Now I will also try a RandomForestClassifier to see if that accuracy is any better.

In [9]:
from sklearn.ensemble import RandomForestClassifier

clf = RandomForestClassifier(n_estimators=10, random_state=1)
cv_scores = cross_val_score(clf, all_features_scaled, all_classes, cv=10)

cv_scores.mean()

0.80322580645161279

## Support Vector Machines

svm.SVC has different kernels which may vary in performance.
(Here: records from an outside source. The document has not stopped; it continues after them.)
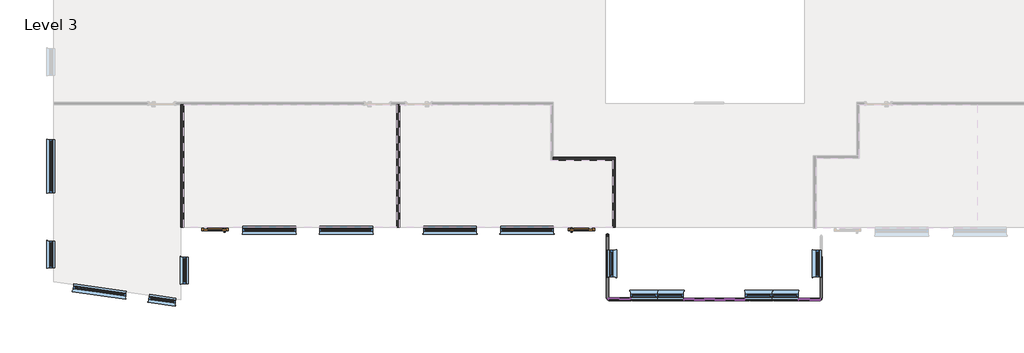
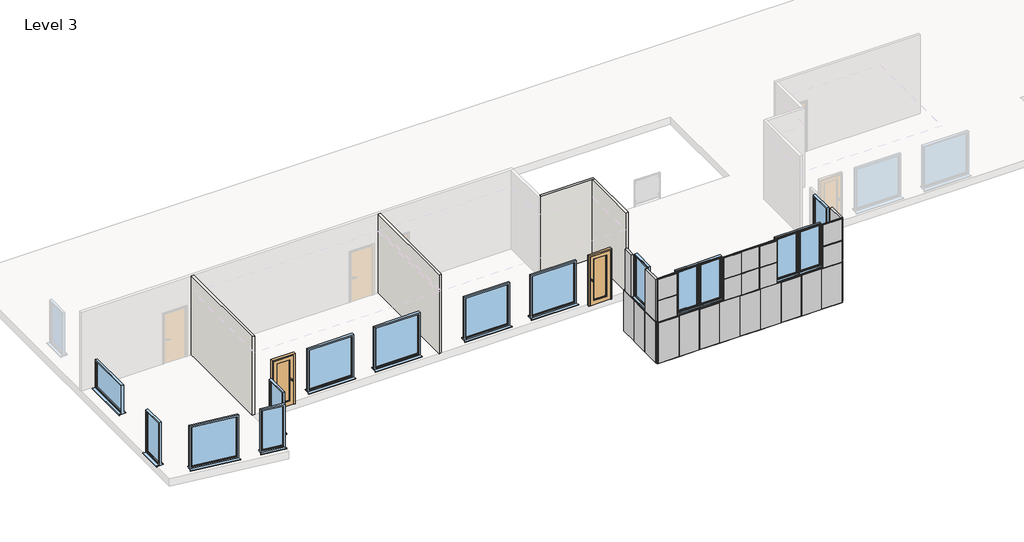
# One storey, part 1 of 7: 73 members, 27 plates, 15 windows, 4 walls, 2 doors.
"""IFC4 building model written with IfcOpenShell, lengths in millimetres."""

from ifc_helpers import new_model, si_unit, frame, origin, place, context, project, spatial, polyline, outline, extrude, faceted_brep, transform, mapped, element, save
from components import doors_extsgl_1_910x2110mm_628282a2, doors_extsgl_1_910x2110mm_947c59ca, rectangular_mullion_25x25mm_b2cedffe, rectangular_mullion_25x25mm_028a5a57, rectangular_mullion_25x25mm_46c97505, rectangular_mullion_25x25mm_a4c1269f, rectangular_mullion_25x25mm_003a9669, rectangular_mullion_25x25mm_920d8240, rectangular_mullion_25x25mm_6d395d07, rectangular_mullion_25x25mm_ba48c8dc, rectangular_mullion_25x25mm_5747d3e9, rectangular_mullion_25x25mm_b4b9a9ee, rectangular_mullion_25x25mm_675738ca, rectangular_mullion_25x25mm_1daffa3c, rectangular_mullion_25x25mm_6c57a8fc, rectangular_mullion_25x25mm_2d4ba261, rectangular_mullion_25x25mm_25b33903, rectangular_mullion_25x25mm_7f393c03, rectangular_mullion_25x25mm_c7fa3d61, rectangular_mullion_25x25mm_14c15364, rectangular_mullion_25x25mm_8c50469f, rectangular_mullion_25x25mm_822b7fe3, rectangular_mullion_25x25mm_ea8cc668, rectangular_mullion_25x25mm_576a80d7, curtain_panels_solid_solid_panel_green_c59e5148, curtain_panels_solid_solid_panel_green_b8c23153, curtain_panels_solid_solid_panel_green_16f00973, curtain_panels_solid_solid_panel_green_723635d2, curtain_panels_solid_solid_panel_green_db50b24e, curtain_panels_solid_solid_panel_green_6b347029, curtain_panels_solid_solid_panel_green_873f3444, curtain_panels_solid_solid_panel_green_c27fb083, curtain_panels_solid_solid_panel_green_d5b4ba83, curtain_panels_solid_solid_panel_green_fcc19b96, windows_sgl_plain_1810x1210mm_bf86ad2f, windows_sgl_plain_1810x1810mm_5434ce38, windows_sgl_plain_1810x1810mm_11d9b991, windows_sgl_plain_910x1810mm_bd75558e, windows_sgl_plain_910x1810mm_de3ea6c8, windows_sgl_plain_910x1810mm_eaa5caaf, windows_sgl_plain_910x1810mm_c05862ca

model = new_model("IFC4")

# Units and contexts
model_context = context("Model", 3, world=origin())
ifc_project = project(units=[si_unit("LENGTHUNIT", "METRE", prefix="MILLI")], contexts=[model_context])

# Site, building, storey
site = spatial("IfcSite", under=ifc_project)
building = spatial("IfcBuilding", under=site)
storey = spatial("IfcBuildingStorey", under=building, Name="Level 3", Elevation=11000.0)

# Doors
placement = place(None, origin())
doors_extsgl_1_910x2110mm_shape = doors_extsgl_1_910x2110mm_628282a2(model_context)
element("IfcDoor", 1, ObjectType="Doors_ExtSgl_1 : 910x2110mm", at=placement, inside=storey, context=model_context, shape_type="MappedRepresentation", body=[
    mapped(doors_extsgl_1_910x2110mm_shape, transform((4105.7942367, -3367.5053409, 11000.0), x_axis=(-1.0, 0.0, 0.0), y_axis=(0.0, -1.0, 0.0), z_axis=(0.0, 0.0, 1.0))),
])
doors_extsgl_1_910x2110mm_2_shape = doors_extsgl_1_910x2110mm_947c59ca(model_context)
element("IfcDoor", 2, ObjectType="Doors_ExtSgl_1 : 910x2110mm", at=placement, inside=storey, context=model_context, shape_type="MappedRepresentation", body=[
    mapped(doors_extsgl_1_910x2110mm_2_shape, transform((16660.7942367, -3367.5053409, 11000.0), x_axis=(1.0, 0.0, 0.0), y_axis=(0.0, 1.0, 0.0), z_axis=(0.0, 0.0, 1.0))),
])

# Members
rectangular_mullion_25x25mm_shape = rectangular_mullion_25x25mm_b2cedffe(model_context)
element("IfcMember", 3, ObjectType="Rectangular Mullion : 25x25mm", at=placement, inside=storey, context=model_context, shape_type="MappedRepresentation", body=[
    mapped(rectangular_mullion_25x25mm_shape, transform((24873.2942367, -4250.005341, 9585.0), x_axis=(0.0, -1.0, 0.0), y_axis=(-1.0, 0.0, 0.0), z_axis=(0.0, 0.0, -1.0))),
])
element("IfcMember", 4, ObjectType="Rectangular Mullion : 25x25mm", at=placement, inside=storey, context=model_context, shape_type="MappedRepresentation", body=[
    mapped(rectangular_mullion_25x25mm_shape, transform((24873.2942367, -4977.5053408, 9585.0), x_axis=(0.0, -1.0, 0.0), y_axis=(-1.0, 0.0, 0.0), z_axis=(0.0, 0.0, -1.0))),
])
element("IfcMember", 5, ObjectType="Rectangular Mullion : 25x25mm", at=placement, inside=storey, context=model_context, shape_type="MappedRepresentation", body=[
    mapped(rectangular_mullion_25x25mm_shape, transform((24052.4609031, -5717.5053409, 9585.0), x_axis=(-1.0, 0.0, 0.0), y_axis=(0.0, 1.0, 0.0), z_axis=(0.0, 0.0, -1.0))),
])
element("IfcMember", 6, ObjectType="Rectangular Mullion : 25x25mm", at=placement, inside=storey, context=model_context, shape_type="MappedRepresentation", body=[
    mapped(rectangular_mullion_25x25mm_shape, transform((23244.1275698, -5717.5053409, 9585.0), x_axis=(-1.0, 0.0, 0.0), y_axis=(0.0, 1.0, 0.0), z_axis=(0.0, 0.0, -1.0))),
])
element("IfcMember", 7, ObjectType="Rectangular Mullion : 25x25mm", at=placement, inside=storey, context=model_context, shape_type="MappedRepresentation", body=[
    mapped(rectangular_mullion_25x25mm_shape, transform((22435.7942366, -5717.5053409, 9585.0), x_axis=(-1.0, 0.0, 0.0), y_axis=(0.0, 1.0, 0.0), z_axis=(0.0, 0.0, -1.0))),
])
element("IfcMember", 8, ObjectType="Rectangular Mullion : 25x25mm", at=placement, inside=storey, context=model_context, shape_type="MappedRepresentation", body=[
    mapped(rectangular_mullion_25x25mm_shape, transform((21627.4609033, -5717.5053409, 9585.0), x_axis=(-1.0, 0.0, 0.0), y_axis=(0.0, 1.0, 0.0), z_axis=(0.0, 0.0, -1.0))),
])
element("IfcMember", 9, ObjectType="Rectangular Mullion : 25x25mm", at=placement, inside=storey, context=model_context, shape_type="MappedRepresentation", body=[
    mapped(rectangular_mullion_25x25mm_shape, transform((20819.12757, -5717.5053409, 9585.0), x_axis=(-1.0, 0.0, 0.0), y_axis=(0.0, 1.0, 0.0), z_axis=(0.0, 0.0, -1.0))),
])
element("IfcMember", 10, ObjectType="Rectangular Mullion : 25x25mm", at=placement, inside=storey, context=model_context, shape_type="MappedRepresentation", body=[
    mapped(rectangular_mullion_25x25mm_shape, transform((20010.7942368, -5717.5053409, 9585.0), x_axis=(-1.0, 0.0, 0.0), y_axis=(0.0, 1.0, 0.0), z_axis=(0.0, 0.0, -1.0))),
])
element("IfcMember", 11, ObjectType="Rectangular Mullion : 25x25mm", at=placement, inside=storey, context=model_context, shape_type="MappedRepresentation", body=[
    mapped(rectangular_mullion_25x25mm_shape, transform((19202.4609035, -5717.5053409, 9585.0), x_axis=(-1.0, 0.0, 0.0), y_axis=(0.0, 1.0, 0.0), z_axis=(0.0, 0.0, -1.0))),
])
element("IfcMember", 12, ObjectType="Rectangular Mullion : 25x25mm", at=placement, inside=storey, context=model_context, shape_type="MappedRepresentation", body=[
    mapped(rectangular_mullion_25x25mm_shape, transform((18394.1275702, -5717.5053409, 9585.0), x_axis=(-1.0, 0.0, 0.0), y_axis=(0.0, 1.0, 0.0), z_axis=(0.0, 0.0, -1.0))),
])
rectangular_mullion_25x25mm_2_shape = rectangular_mullion_25x25mm_028a5a57(model_context)
element("IfcMember", 13, ObjectType="Rectangular Mullion : 25x25mm", at=placement, inside=storey, context=model_context, shape_type="MappedRepresentation", body=[
    mapped(rectangular_mullion_25x25mm_2_shape, transform((24873.2942367, -5717.5053409, 9585.0), x_axis=(0.0, -1.0, 0.0), y_axis=(-1.0, 0.0, 0.0), z_axis=(0.0, 0.0, -1.0))),
])
element("IfcMember", 14, ObjectType="Rectangular Mullion : 25x25mm", at=placement, inside=storey, context=model_context, shape_type="MappedRepresentation", body=[
    mapped(rectangular_mullion_25x25mm_2_shape, transform((17573.2942367, -5717.5053409, 9585.0), x_axis=(-1.0, 0.0, 0.0), y_axis=(0.0, 1.0, 0.0), z_axis=(0.0, 0.0, -1.0))),
])
element("IfcMember", 15, ObjectType="Rectangular Mullion : 25x25mm", at=placement, inside=storey, context=model_context, shape_type="MappedRepresentation", body=[
    mapped(rectangular_mullion_25x25mm_2_shape, transform((24873.2942367, -5717.5053409, 11275.0), x_axis=(1.0, 0.0, 0.0), y_axis=(0.0, 1.0, 0.0), z_axis=(0.0, 0.0, 1.0))),
])
rectangular_mullion_25x25mm_3_shape = rectangular_mullion_25x25mm_46c97505(model_context)
element("IfcMember", 16, ObjectType="Rectangular Mullion : 25x25mm", at=placement, inside=storey, context=model_context, shape_type="MappedRepresentation", body=[
    mapped(rectangular_mullion_25x25mm_3_shape, transform((17573.2942367, -4210.005341, 9585.0), x_axis=(0.0, -1.0, 0.0), y_axis=(-1.0, 0.0, 0.0), z_axis=(0.0, 0.0, -1.0))),
])
element("IfcMember", 17, ObjectType="Rectangular Mullion : 25x25mm", at=placement, inside=storey, context=model_context, shape_type="MappedRepresentation", body=[
    mapped(rectangular_mullion_25x25mm_3_shape, transform((17573.2942367, -4957.5053408, 9585.0), x_axis=(0.0, -1.0, 0.0), y_axis=(-1.0, 0.0, 0.0), z_axis=(0.0, 0.0, -1.0))),
])
rectangular_mullion_25x25mm_4_shape = rectangular_mullion_25x25mm_a4c1269f(model_context)
element("IfcMember", 18, ObjectType="Rectangular Mullion : 25x25mm", at=placement, inside=storey, context=model_context, shape_type="MappedRepresentation", body=[
    mapped(rectangular_mullion_25x25mm_4_shape, transform((17573.2942367, -5717.5053409, 9585.0), x_axis=(0.0, -1.0, 0.0), y_axis=(-1.0, 0.0, 0.0), z_axis=(0.0, 0.0, -1.0))),
])
element("IfcMember", 19, ObjectType="Rectangular Mullion : 25x25mm", at=placement, inside=storey, context=model_context, shape_type="MappedRepresentation", body=[
    mapped(rectangular_mullion_25x25mm_4_shape, transform((17573.2942367, -3475.0053409, 11275.0), x_axis=(0.0, 1.0, 0.0), y_axis=(-1.0, 0.0, 0.0), z_axis=(0.0, 0.0, 1.0))),
])
rectangular_mullion_25x25mm_5_shape = rectangular_mullion_25x25mm_003a9669(model_context)
element("IfcMember", 20, ObjectType="Rectangular Mullion : 25x25mm", at=placement, inside=storey, context=model_context, shape_type="MappedRepresentation", body=[
    mapped(rectangular_mullion_25x25mm_5_shape, transform((17573.2942367, -4210.005341, 11300.0), x_axis=(0.0, 0.0, 1.0), y_axis=(-1.0, 0.0, 0.0), z_axis=(0.0, -1.0, 0.0))),
])
rectangular_mullion_25x25mm_6_shape = rectangular_mullion_25x25mm_920d8240(model_context)
element("IfcMember", 21, ObjectType="Rectangular Mullion : 25x25mm", at=placement, inside=storey, context=model_context, shape_type="MappedRepresentation", body=[
    mapped(rectangular_mullion_25x25mm_6_shape, transform((17573.2942367, -4957.5053408, 11300.0), x_axis=(0.0, 0.0, 1.0), y_axis=(-1.0, 0.0, 0.0), z_axis=(0.0, -1.0, 0.0))),
])
element("IfcMember", 22, ObjectType="Rectangular Mullion : 25x25mm", at=placement, inside=storey, context=model_context, shape_type="MappedRepresentation", body=[
    mapped(rectangular_mullion_25x25mm_5_shape, transform((17573.2942367, -3475.0053409, 9560.0), x_axis=(0.0, 0.0, -1.0), y_axis=(-1.0, 0.0, 0.0), z_axis=(0.0, 1.0, 0.0))),
])
element("IfcMember", 23, ObjectType="Rectangular Mullion : 25x25mm", at=placement, inside=storey, context=model_context, shape_type="MappedRepresentation", body=[
    mapped(rectangular_mullion_25x25mm_6_shape, transform((17573.2942367, -4210.005341, 9560.0), x_axis=(0.0, 0.0, -1.0), y_axis=(-1.0, 0.0, 0.0), z_axis=(0.0, 1.0, 0.0))),
])
rectangular_mullion_25x25mm_7_shape = rectangular_mullion_25x25mm_6d395d07(model_context)
element("IfcMember", 24, ObjectType="Rectangular Mullion : 25x25mm", at=placement, inside=storey, context=model_context, shape_type="MappedRepresentation", body=[
    mapped(rectangular_mullion_25x25mm_7_shape, transform((20173.2942367, -5717.5053409, 13110.0), x_axis=(0.0, 0.0, 1.0), y_axis=(0.0, 1.0, 0.0), z_axis=(-1.0, 0.0, 0.0))),
])
element("IfcMember", 25, ObjectType="Rectangular Mullion : 25x25mm", at=placement, inside=storey, context=model_context, shape_type="MappedRepresentation", body=[
    mapped(rectangular_mullion_25x25mm_7_shape, transform((22288.2942367, -5717.5053409, 11275.0), x_axis=(0.0, 0.0, -1.0), y_axis=(0.0, 1.0, 0.0), z_axis=(1.0, 0.0, 0.0))),
])
element("IfcMember", 26, ObjectType="Rectangular Mullion : 25x25mm", at=placement, inside=storey, context=model_context, shape_type="MappedRepresentation", body=[
    mapped(rectangular_mullion_25x25mm_7_shape, transform((21579.1275699, -5717.5053409, 13110.0), x_axis=(0.0, 0.0, 1.0), y_axis=(0.0, 1.0, 0.0), z_axis=(-1.0, 0.0, 0.0))),
])
rectangular_mullion_25x25mm_8_shape = rectangular_mullion_25x25mm_ba48c8dc(model_context)
element("IfcMember", 27, ObjectType="Rectangular Mullion : 25x25mm", at=placement, inside=storey, context=model_context, shape_type="MappedRepresentation", body=[
    mapped(rectangular_mullion_25x25mm_8_shape, transform((20882.4609034, -5717.5053409, 13110.0), x_axis=(0.0, 0.0, 1.0), y_axis=(0.0, 1.0, 0.0), z_axis=(-1.0, 0.0, 0.0))),
])
element("IfcMember", 28, ObjectType="Rectangular Mullion : 25x25mm", at=placement, inside=storey, context=model_context, shape_type="MappedRepresentation", body=[
    mapped(rectangular_mullion_25x25mm_8_shape, transform((21579.1275699, -5717.5053409, 11275.0), x_axis=(0.0, 0.0, -1.0), y_axis=(0.0, 1.0, 0.0), z_axis=(1.0, 0.0, 0.0))),
])
element("IfcMember", 29, ObjectType="Rectangular Mullion : 25x25mm", at=placement, inside=storey, context=model_context, shape_type="MappedRepresentation", body=[
    mapped(rectangular_mullion_25x25mm_7_shape, transform((20882.4609034, -5717.5053409, 11275.0), x_axis=(0.0, 0.0, -1.0), y_axis=(0.0, 1.0, 0.0), z_axis=(1.0, 0.0, 0.0))),
])
rectangular_mullion_25x25mm_9_shape = rectangular_mullion_25x25mm_5747d3e9(model_context)
element("IfcMember", 30, ObjectType="Rectangular Mullion : 25x25mm", at=placement, inside=storey, context=model_context, shape_type="MappedRepresentation", body=[
    mapped(rectangular_mullion_25x25mm_9_shape, transform((21579.1275699, -5717.5053409, 11300.0), x_axis=(-1.0, 0.0, 0.0), y_axis=(0.0, 1.0, 0.0), z_axis=(0.0, 0.0, -1.0))),
])
element("IfcMember", 31, ObjectType="Rectangular Mullion : 25x25mm", at=placement, inside=storey, context=model_context, shape_type="MappedRepresentation", body=[
    mapped(rectangular_mullion_25x25mm_9_shape, transform((20882.4609034, -5717.5053409, 11300.0), x_axis=(-1.0, 0.0, 0.0), y_axis=(0.0, 1.0, 0.0), z_axis=(0.0, 0.0, -1.0))),
])
element("IfcMember", 32, ObjectType="Rectangular Mullion : 25x25mm", at=placement, inside=storey, context=model_context, shape_type="MappedRepresentation", body=[
    mapped(rectangular_mullion_25x25mm_9_shape, transform((21579.1275699, -5717.5053409, 12192.5), x_axis=(-1.0, 0.0, 0.0), y_axis=(0.0, 1.0, 0.0), z_axis=(0.0, 0.0, -1.0))),
])
element("IfcMember", 33, ObjectType="Rectangular Mullion : 25x25mm", at=placement, inside=storey, context=model_context, shape_type="MappedRepresentation", body=[
    mapped(rectangular_mullion_25x25mm_9_shape, transform((20882.4609034, -5717.5053409, 12192.5), x_axis=(-1.0, 0.0, 0.0), y_axis=(0.0, 1.0, 0.0), z_axis=(0.0, 0.0, -1.0))),
])
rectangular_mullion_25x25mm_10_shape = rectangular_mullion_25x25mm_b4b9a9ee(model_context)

I will try linear, rbf, sigmoid and poly and see which results in the highest accuracy.

In [10]:
from sklearn import svm

C = 1.0
svc = svm.SVC(kernel='linear', C=C)
cv_scores = cross_val_score(svc, all_features_scaled, all_classes, cv=10)
cv_scores.mean()

0.83548387096774201

In [11]:
svc = svm.SVC(kernel='rbf', C=C)
cv_scores = cross_val_score(svc, all_features_scaled, all_classes, cv=10)
cv_scores.mean()

0.81612903225806444

In [12]:
svc = svm.SVC(kernel='sigmoid', C=C)
cv_scores = cross_val_score(svc, all_features_scaled, all_classes, cv=10)
cv_scores.mean()

0.7870967741935484

In [13]:
svc = svm.SVC(kernel='poly', C=C)
cv_scores = cross_val_score(svc, all_features_scaled, all_classes, cv=10)
cv_scores.mean()

0.71612903225806457

## K-Nearest Neighbours

In attempt to find the best value of K, I will use a for loop to iterate through different values of K from 1 to 50 and compare the resulting accuracy from each value of K.

In [14]:
from sklearn import neighbors

for i in range(1, 51):
    clf = neighbors.KNeighborsClassifier(n_neighbors=10)
    cv_scores = cross_val_score(clf, all_features_scaled, all_classes, cv=10)
    print(i, ":", cv_scores.mean())


1 : 0.790322580645
2 : 0.790322580645
3 : 0.790322580645
4 : 0.790322580645
5 : 0.790322580645
6 : 0.790322580645
7 : 0.790322580645
8 : 0.790322580645
9 : 0.790322580645
10 : 0.790322580645
11 : 0.790322580645
12 : 0.790322580645
13 : 0.790322580645
14 : 0.790322580645
15 : 0.790322580645
16 : 0.790322580645
17 : 0.790322580645
18 : 0.790322580645
19 : 0.790322580645
20 : 0.790322580645
21 : 0.790322580645
22 : 0.790322580645
23 : 0.790322580645
24 : 0.790322580645
25 : 0.790322580645
26 : 0.790322580645
27 : 0.790322580645
28 : 0.790322580645
29 : 0.790322580645
30 : 0.790322580645
31 : 0.790322580645
32 : 0.790322580645
33 : 0.790322580645
34 : 0.790322580645
35 : 0.790322580645
36 : 0.790322580645
37 : 0.790322580645
38 : 0.790322580645
39 : 0.790322580645
40 : 0.790322580645
41 : 0.790322580645
42 : 0.790322580645
43 : 0.790322580645
44 : 0.790322580645
45 : 0.790322580645
46 : 0.790322580645
47 : 0.790322580645
48 : 0.790322580645
49 : 0.790322580645
50 : 0.790322580645


## Naive Bayes

In [15]:
from sklearn.naive_bayes import MultinomialNB

scaler = preprocessing.MinMaxScaler()
all_features_minmax = scaler.fit_transform(all_features)

clf = MultinomialNB()
cv_scores = cross_val_score(clf, all_features_minmax, all_classes, cv=10)

cv_scores.mean()

0.67741935483870974

## Neural Networks

In [16]:
from tensorflow.keras.layers import Dense
from tensorflow.keras.models import Sequential
from tensorflow.keras.wrappers.scikit_learn import KerasClassifier

def create_model():
    model = Sequential()
    model.add(Dense(10, input_dim=6, kernel_initializer='normal', activation='relu'))
    model.add(Dense(6, kernel_initializer='normal', activation='relu'))
    model.add(Dense(1, kernel_initializer='normal', activation='sigmoid'))
    model.compile(loss='binary_crossentropy', optimizer='adam', metrics=['accuracy'])
    return model

estimator = KerasClassifier(build_fn=create_model, epochs=100, verbose=0)
cv_scores = cross_val_score(estimator, all_features_scaled, all_classes, cv=10)
cv_scores.mean()

0.73870966732501986

## Conclusion

It seems the best machine learning model was the model using a SVM with a linear kernel hyperparameter. It yielded highest accuracy being 83.5%.